Here’s a look at potential, though not guaranteed, impacts on crypto:
For cryptocurrency holders and traders, this period calls for increased vigilance. Monitoring global news alongside market data is essential. Understanding that external, non-crypto specific events can significantly impact digital asset prices is a crucial part of navigating this market.
Predicting the future in geopolitical situations is impossible, but analysts are considering several potential scenarios following the reported Iran Israel Strike:
The actions and rhetoric of leaders in Tehran, Tel Aviv, Washington D.C., and other capitals will provide clues about which path is most likely being taken. Diplomatic efforts, back-channel communications, and public statements will all be scrutinized.
Given the unfolding situation and its potential Global Market Impact, what should readers, especially those with exposure to volatile assets like cryptocurrencies, consider?
While it’s impossible to perfectly predict how Middle East Tensions will specifically affect Crypto Volatility in the short term, being prepared for potential market reactions is prudent. This involves understanding the underlying factors at play and maintaining a rational approach to investing during uncertain times.

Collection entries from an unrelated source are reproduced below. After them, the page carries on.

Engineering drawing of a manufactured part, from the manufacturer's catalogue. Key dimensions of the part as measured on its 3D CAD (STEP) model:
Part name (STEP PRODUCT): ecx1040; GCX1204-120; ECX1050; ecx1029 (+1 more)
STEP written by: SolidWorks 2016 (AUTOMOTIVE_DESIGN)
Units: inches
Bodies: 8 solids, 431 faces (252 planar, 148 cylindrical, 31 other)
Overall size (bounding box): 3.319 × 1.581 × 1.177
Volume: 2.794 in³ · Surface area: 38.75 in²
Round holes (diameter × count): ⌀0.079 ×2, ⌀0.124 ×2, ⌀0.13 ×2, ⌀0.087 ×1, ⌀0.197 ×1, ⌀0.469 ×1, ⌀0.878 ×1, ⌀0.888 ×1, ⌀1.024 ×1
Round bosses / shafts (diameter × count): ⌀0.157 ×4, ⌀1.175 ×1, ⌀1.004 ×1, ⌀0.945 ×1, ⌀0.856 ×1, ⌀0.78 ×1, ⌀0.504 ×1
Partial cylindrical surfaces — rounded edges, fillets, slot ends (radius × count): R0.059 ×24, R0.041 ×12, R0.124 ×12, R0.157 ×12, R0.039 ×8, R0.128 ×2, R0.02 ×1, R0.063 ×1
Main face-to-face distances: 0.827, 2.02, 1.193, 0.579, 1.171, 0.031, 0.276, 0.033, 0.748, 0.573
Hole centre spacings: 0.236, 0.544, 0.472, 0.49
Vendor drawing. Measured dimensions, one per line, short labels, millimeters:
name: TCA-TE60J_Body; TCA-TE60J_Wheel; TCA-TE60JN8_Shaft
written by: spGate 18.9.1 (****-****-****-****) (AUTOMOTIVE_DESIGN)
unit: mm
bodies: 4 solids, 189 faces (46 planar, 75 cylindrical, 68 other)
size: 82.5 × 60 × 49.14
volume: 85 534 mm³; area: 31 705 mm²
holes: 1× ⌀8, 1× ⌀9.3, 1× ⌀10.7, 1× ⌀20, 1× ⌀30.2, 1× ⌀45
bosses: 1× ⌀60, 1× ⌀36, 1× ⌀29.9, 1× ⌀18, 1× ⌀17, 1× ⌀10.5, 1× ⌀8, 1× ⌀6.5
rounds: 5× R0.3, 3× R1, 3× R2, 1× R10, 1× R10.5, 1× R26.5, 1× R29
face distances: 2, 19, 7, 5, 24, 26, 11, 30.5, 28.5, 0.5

The reported Iran Israel Strike marks a significant escalation in long-standing Middle East Tensions. This event immediately heightens Geopolitical Risk, with potentially far-reaching consequences for regional stability and the global economy. The Global Market Impact is likely to be characterized by increased uncertainty and Crypto Volatility, at least in the short term. While the exact trajectory of events remains uncertain, the coming days will be critical in determining whether this leads to further conflict or a path towards de-escalation. For investors and global citizens alike, staying informed and understanding the potential implications of this developing situation is essential.